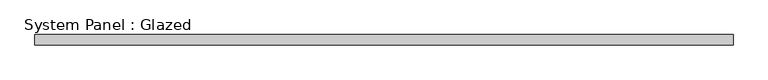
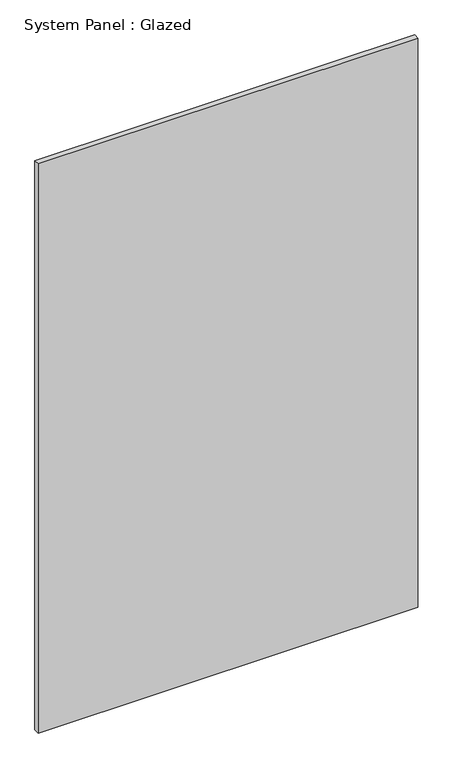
"""IFC4 building model written with IfcOpenShell, lengths in millimetres: plate geometry, System Panel : Glazed."""

from ifc_helpers import new_model, si_unit, origin, origin_with_axes, place, context, project, spatial, polyline, outline, extrude, source, transform, mapped, element, save


def system_panel_glazed_a975786e(model_context):
    return source(origin(), model_context, "Body", "SweptSolid", [
        extrude(outline(polyline([(855.4684602, 19.05), (-855.4684602, 19.05), (-855.4684602, 44.45), (855.4684602, 44.45), (855.4684602, 19.05)])), origin_with_axes(), (0.0, 0.0, 1.0), 2711.4294337),
    ])


if __name__ == "__main__":
    model = new_model("IFC4")
    model_context = context("Model", 3, world=origin())
    ifc_project = project(units=[si_unit("LENGTHUNIT", "METRE", prefix="MILLI")], contexts=[model_context])
    site = spatial("IfcSite", under=ifc_project)
    building = spatial("IfcBuilding", under=site)
    placement = place(None, origin())
    system_panel_glazed_shape = system_panel_glazed_a975786e(model_context)
    element("IfcPlate", 1, ObjectType="System Panel : Glazed", at=placement, inside=building, context=model_context, shape_type="MappedRepresentation", body=[
        mapped(system_panel_glazed_shape, transform((0.0, 0.0, 0.0), x_axis=(1.0, 0.0, 0.0), y_axis=(0.0, 1.0, 0.0), z_axis=(0.0, 0.0, 1.0))),
    ])
    save(model, "model.ifc")

» **TASK TO CARRY OUT**
Could you copy each line of the material that holds "building"?

» **SOLUTION FOR THIS TASK**
"""IFC4 building model written with IfcOpenShell, lengths in millimetres: plate geometry, System Panel : Glazed."""
    building = spatial("IfcBuilding", under=site)
    element("IfcPlate", 1, ObjectType="System Panel : Glazed", at=placement, inside=building, context=model_context, shape_type="MappedRepresentation", body=[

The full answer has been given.